# animals in your bed



## Oaklys Dad (Dec 28, 2005)

I sleep sandwiched between two goldens every night. I haven't noticed any ill effects. Though it has made me late for work more than once because it felt so good.


----------



## Pudden (Dec 28, 2008)

you're far more likely to catch a bug from your kids or spouse. So maybe you should crate them at night.


----------



## crayola_sky (Jan 18, 2011)

HAHA! 
i'll bet.. ATM..mines opposite..because hte kitten (and poor other cat who used to love sleeping in my room..but has never complaind otherwise) are not aloud to sleep in there untill kitten is ...calmed down.. he hears my alarm go off and dare i push snooze.. 'meow meow meow meow meow'...haha hes my second alarm
unfortunatly ...he dosnt yet know time..and will often be set to 2...4..5...am..i bought ear plugs..which are his FAVORITE toy..and will sneek any chance he gets..*shakes head*


----------



## crayola_sky (Jan 18, 2011)

Pudden said:


> you're far more likely to catch a bug from your kids or spouse.

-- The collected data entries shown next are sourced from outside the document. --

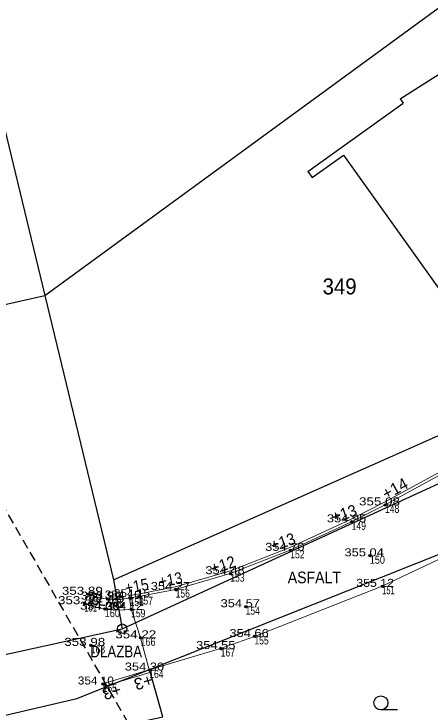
# Model space of a CAD drawing. Extents: x -592965 to -592390, y -1145071 to -1144631.
# Drawn here: x -592689.4 to -592667.32, y -1144937.57 to -1144900.54 of the extents above; entities that cross this region are included whole.
import ezdxf
from ezdxf.enums import TextEntityAlignment as Align

# ---------------------------------------------------------------- set-up
doc = ezdxf.new("R2010")
doc.units = 0
doc.header["$LTSCALE"] = 0.17
doc.header["$PDMODE"] = 32
doc.header["$PDSIZE"] = 0.085
doc.linetypes.add('MEDIUM_DASHED', pattern=[4.5, 3, -1.5])
for name, color, linetype, lineweight in [('1', 7, 'Continuous', 13), ('3', 7, 'Continuous', 13), ('4', 7, 'Continuous', 25)]:
    doc.layers.add(name, color=color, linetype=linetype, lineweight=lineweight)
doc.layers.add('2', color=7, linetype='Continuous')

msp = doc.modelspace()

# ---------------------------------------------------------------- linework, layer by layer
at = {"layer": '1'}
for p, q in [((-592683.26, -1144931.52), (-592683.28, -1144931.38)), ((-592684.69, -1144936.08), (-592682.22, -1144935.34))]:
    msp.add_line(p, q, dxfattribs=at)
for points in [[(-592652.64, -1144913.26), (-592654.61, -1144915.47), (-592656.66, -1144917.59), (-592657.4, -1144918.26), (-592661.22, -1144921.38), (-592662.03, -1144921.97), (-592663.69, -1144923.08), (-592665.53, -1144924.14), (-592669.78, -1144926.46), (-592671.54, -1144927.35), (-592674.79, -1144928.86), (-592677.96, -1144930.1), (-592680.85, -1144930.93), (-592682.8, -1144931.31), (-592683.28, -1144931.38)], [(-592682.22, -1144935.34), (-592678.43, -1144934.2), (-592676.64, -1144933.56), (-592669.86, -1144930.9), (-592663.54, -1144927.9), (-592658.53, -1144924.2), (-592654.07, -1144920.31), (-592649.9, -1144915.93), (-592646.93, -1144913.3), (-592646.77, -1144913.16)], [(-592656.56, -1144917.69), (-592657.31, -1144918.37), (-592661.13, -1144921.49), (-592661.95, -1144922.08), (-592663.62, -1144923.2), (-592665.46, -1144924.26), (-592669.71, -1144926.58), (-592671.48, -1144927.48), (-592674.74, -1144928.99), (-592677.92, -1144930.23), (-592680.82, -1144931.07), (-592682.78, -1144931.45), (-592683.26, -1144931.52)], [(-592682.22, -1144935.34), (-592682.69, -1144933.63), (-592683.18, -1144932.12), (-592683.26, -1144931.52)], [(-592684.65, -1144936.21), (-592682.18, -1144935.47), (-592682.22, -1144935.34)]]:
    msp.add_lwpolyline(points, dxfattribs=at)
for centre, radius, start, end in [((-592684.0349, -1144927.9145), 3.6879, 247.43517, 282.12879), ((-592683.845, -1144927.2168), 4.9481, 248.48139, 277.72376)]:
    msp.add_arc(centre, radius, start, end, dxfattribs=at)
at = {"layer": '2'}
for p in [(-592669.71, -1144926.58), (-592671.48, -1144927.48), (-592674.74, -1144928.99), (-592670.52, -1144929.28), (-592677.92, -1144930.23), (-592669.86, -1144930.9), (-592685.45, -1144931.32), (-592680.82, -1144931.07), (-592684.44, -1144931.58), (-592683.26, -1144931.52), (-592682.78, -1144931.45), (-592685.66, -1144931.82), (-592677.11, -1144931.98), (-592684.58, -1144932.11), (-592683.18, -1144932.12), (-592682.69, -1144933.63), (-592676.64, -1144933.56), (-592685.32, -1144934.03), (-592678.43, -1144934.2), (-592682.22, -1144935.34), (-592684.69, -1144936.08)]:
    msp.add_point(p, dxfattribs=at)
at = {"layer": '3'}
for centre, radius in [((-592669.7101, -1144926.5799), 0.0625), ((-592669.7101, -1144926.5799), 0.0395), ((-592669.7101, -1144926.5799), 0.0125), ((-592671.4801, -1144927.4799), 0.0625), ((-592671.4801, -1144927.4799), 0.0395), ((-592671.4801, -1144927.4799), 0.0125), ((-592674.7401, -1144928.9899), 0.0625), ((-592674.7401, -1144928.9899), 0.0395), ((-592674.7401, -1144928.9899), 0.0125), ((-592670.5201, -1144929.2799), 0.0625), ((-592670.5201, -1144929.2799), 0.0395), ((-592670.5201, -1144929.2799), 0.0125), ((-592677.9201, -1144930.2299), 0.0625), ((-592677.9201, -1144930.2299), 0.0395), ((-592677.9201, -1144930.2299), 0.0125), ((-592669.8601, -1144930.8999), 0.0625), ((-592669.8601, -1144930.8999), 0.0395), ((-592669.8601, -1144930.8999), 0.0125), ((-592685.4501, -1144931.3199), 0.0625), ((-592685.4501, -1144931.3199), 0.0395), ((-592680.8201, -1144931.0699), 0.0625), ((-592680.8201, -1144931.0699), 0.0395), ((-592680.8201, -1144931.0699), 0.0125), ((-592685.4501, -1144931.3199), 0.0125), ((-592684.4401, -1144931.5799), 0.0625), ((-592684.4401, -1144931.5799), 0.0395), ((-592684.4401, -1144931.5799), 0.0125), ((-592683.2601, -1144931.5199), 0.0625), ((-592683.2601, -1144931.5199), 0.0395), ((-592683.2601, -1144931.5199), 0.0125), ((-592682.7801, -1144931.4499), 0.0625), ((-592682.7801, -1144931.4499), 0.0395), ((-592682.7801, -1144931.4499), 0.0125), ((-592685.6601, -1144931.8199), 0.0625), ((-592685.6601, -1144931.8199), 0.0395), ((-592685.6601, -1144931.8199), 0.0125), ((-592677.1101, -1144931.9799), 0.0625), ((-592677.1101, -1144931.9799), 0.0395), ((-592677.1101, -1144931.9799), 0.0125), ((-592684.5801, -1144932.1099), 0.0625), ((-592684.5801, -1144932.1099), 0.0395), ((-592684.5801, -1144932.1099), 0.0125), ((-592683.1801, -1144932.1199), 0.0625), ((-592683.1801, -1144932.1199), 0.0395), ((-592683.1801, -1144932.1199), 0.0125), ((-592676.6401, -1144933.5599), 0.0625), ((-592682.6901, -1144933.6299), 0.0625), ((-592682.6901, -1144933.6299), 0.0395), ((-592682.6901, -1144933.6299), 0.0125), ((-592676.6401, -1144933.5599), 0.0395), ((-592676.6401, -1144933.5599), 0.0125), ((-592685.3201, -1144934.0299), 0.0625), ((-592685.3201, -1144934.0299), 0.0395), ((-592685.3201, -1144934.0299), 0.0125), ((-592678.4301, -1144934.1999), 0.0625), ((-592678.4301, -1144934.1999), 0.0395), ((-592678.4301, -1144934.1999), 0.0125), ((-592682.2201, -1144935.3399), 0.0625), ((-592682.2201, -1144935.3399), 0.0395), ((-592682.2201, -1144935.3399), 0.0125), ((-592684.6901, -1144936.0799), 0.0625), ((-592684.6901, -1144936.0799), 0.0395), ((-592684.6901, -1144936.0799), 0.0125)]:
    msp.add_circle(centre, radius, dxfattribs=at)
at = {"layer": '4'}
for p, q in [((-592687.76, -1144915.48), (-592649.48, -1144887.5)), ((-592668.9, -1144905.05), (-592662.52, -1144900.94)), ((-592690.94, -1144902.31), (-592687.76, -1144915.48)), ((-592673.81, -1144908.89), (-592668.74, -1144905.28)), ((-592668.9, -1144905.05), (-592668.74, -1144905.28)), ((-592673.58, -1144909.22), (-592671.91, -1144908.03)), ((-592671.91, -1144908.03), (-592666.22, -1144916.02)), ((-592673.81, -1144908.89), (-592673.58, -1144909.22)), ((-592710.37, -1144920.57), (-592687.76, -1144915.48)), ((-592687.76, -1144915.48), (-592684.12, -1144930.55)), ((-592683.65, -1144933.15), (-592650.24, -1144917.82)), ((-592684.12, -1144930.55), (-592656.42, -1144918.25)), ((-592682.2, -1144935.31), (-592657.03, -1144925.29)), ((-592684.12, -1144930.55), (-592683.65, -1144933.15)), ((-592695.37, -1144935.73), (-592683.65, -1144933.15)), ((-592669.055, -1144937.46), (-592669.93, -1144937.46))]:
    msp.add_line(p, q, dxfattribs=at)
at = {"layer": '4', "linetype": 'MEDIUM_DASHED'}
msp.add_lwpolyline([(-592857.7, -1144647.96), (-592827.25, -1144698.04), (-592798.73, -1144745.3), (-592765.1, -1144800.74), (-592721.92, -1144873.86), (-592693.51, -1144920.47), (-592669.72, -1144961.82), (-592709.34, -1144973.09), (-592761.29, -1144989.89), (-592825.83, -1145034.08), (-592878.88, -1145071.17)], dxfattribs=at)
at = {"layer": '4'}
for points in [[(-592709.85, -1144942.41), (-592686.06, -1144936.85), (-592682.2, -1144935.31)], [(-592709.5, -1144943.92), (-592681.5, -1144937.82), (-592682.2, -1144935.31)]]:
    msp.add_lwpolyline(points, dxfattribs=at)
for centre, radius in [((-592683.65, -1144933.15), 0.25), ((-592683.65, -1144933.15), 0.0164), ((-592669.93, -1144937.085), 0.375)]:
    msp.add_circle(centre, radius, dxfattribs=at)

# ---------------------------------------------------------------- texts
at = {"layer": '1'}
msp.add_text('+14', height=0.62, rotation=28.629, dxfattribs=at).set_placement((-592669.033, -1144925.9912), align=Align.CENTER)
for s, rotation, width, p in [('+13', 18.435, 0.95, (-592671.7735, -1144927.3415)), ('+13', 18.435, 0.95, (-592675.0335, -1144928.8415)), ('+12', 18.435, 0.95, (-592678.2035, -1144930.0615)), ('+13', 10.856, 0.9, (-592681.0324, -1144930.8532)), ('+15', 10.856, 0.9, (-592682.8224, -1144931.1932)), ('ZLAB', 352.439, 0.9, (-592684.4893, -1144931.9631)), ('+3', 196.678, 1.05, (-592682.6085, -1144935.6903)), ('+3', 196.678, 1.05, (-592684.2885, -1144936.2103))]:
    msp.add_text(s, height=0.62, rotation=rotation, dxfattribs=dict(at, width=width)).set_placement(p, align=Align.CENTER)
for s, width, p in [('ASFALT', 0.9, (-592673.46, -1144930.74)), ('DLAZBA', 0.85, (-592683.97, -1144934.67))]:
    msp.add_text(s, height=0.62, dxfattribs=dict(at, width=width)).set_placement(p, align=Align.CENTER)
at = {"layer": '2'}
for s, width, p in [('148', 0.8, (-592669.71, -1144927.005)), ('149', 0.8, (-592671.48, -1144927.905)), ('152', 0.8, (-592674.74, -1144929.415)), ('150', 0.85, (-592670.52, -1144929.705)), ('153', 0.8, (-592677.92, -1144930.655)), ('151', 0.7, (-592669.86, -1144931.325)), ('156', 0.8, (-592680.82, -1144931.495)), ('162', 0.8, (-592685.45, -1144931.745)), ('163', 0.8, (-592684.44, -1144932.005)), ('158', 0.8, (-592683.26, -1144931.945)), ('157', 0.8, (-592682.78, -1144931.875)), ('161', 0.7, (-592685.66, -1144932.245)), ('154', 0.8, (-592677.11, -1144932.405)), ('160', 0.85, (-592684.58, -1144932.535)), ('159', 0.8, (-592683.18, -1144932.545)), ('166', 0.85, (-592682.69, -1144934.055)), ('155', 0.8, (-592676.64, -1144933.985)), ('168', 0.8, (-592685.32, -1144934.455)), ('167', 0.8, (-592678.43, -1144934.625)), ('164', 0.8, (-592682.22, -1144935.765)), ('165', 0.8, (-592684.69, -1144936.505))]:
    msp.add_text(s, height=0.425, dxfattribs=dict(at, width=width)).set_placement(p)
at = {"layer": '3'}
for s, width, p in [('355 08', 1.25, (-592670.0025, -1144926.61)), ('354 95', 1.2, (-592671.75, -1144927.51)), ('354 70', 1.2, (-592675.025, -1144929.02)), ('355 04', 1.2, (-592670.8175, -1144929.31)), ('354 48', 1.2, (-592678.197, -1144930.26)), ('355 12', 1.15, (-592670.233, -1144930.93)), ('353 89', 1.25, (-592685.7685, -1144931.35)), ('354 27', 1.2, (-592681.0935, -1144931.1)), ('353 99', 1.25, (-592684.7655, -1144931.61)), ('354 10', 1.1, (-592683.622, -1144931.55)), ('354 15', 1.1, (-592683.137, -1144931.48)), ('353 88', 1.25, (-592685.9735, -1144931.85)), ('354 57', 1.2, (-592677.39, -1144932.01)), ('354 00', 1.2, (-592684.8485, -1144932.14)), ('354 12', 1.1, (-592683.5305, -1144932.15)), ('354 22', 1.25, (-592682.935, -1144933.66)), ('354 66', 1.2, (-592676.922, -1144933.59)), ('353 98', 1.25, (-592685.64, -1144934.06)), ('354 55', 1.2, (-592678.6885, -1144934.23)), ('354 30', 1.2, (-592682.4735, -1144935.37)), ('354 10', 1.1, (-592685.052, -1144936.11))]:
    msp.add_text(s, height=0.425, dxfattribs=dict(at, width=width)).set_placement(p, align=Align.CENTER)
at = {"layer": '4', "width": 0.95}
msp.add_text('349', height=0.85, dxfattribs=at).set_placement((-592673.02, -1144915.42))

doc.saveas('drawing.dxf')

So maybe you should crate them at night.




lmao!!!


I work in a toddler center...seriously..if im gonna get sick..its gonna be from one of my 12 two year olds i work with everyday..snotty nose..caugh directly in your face..its not gonna be from sharein my bed with a snuggly animal


----------



## County JR (Sep 26, 2010)

Someone in this household doesn't care what the article says.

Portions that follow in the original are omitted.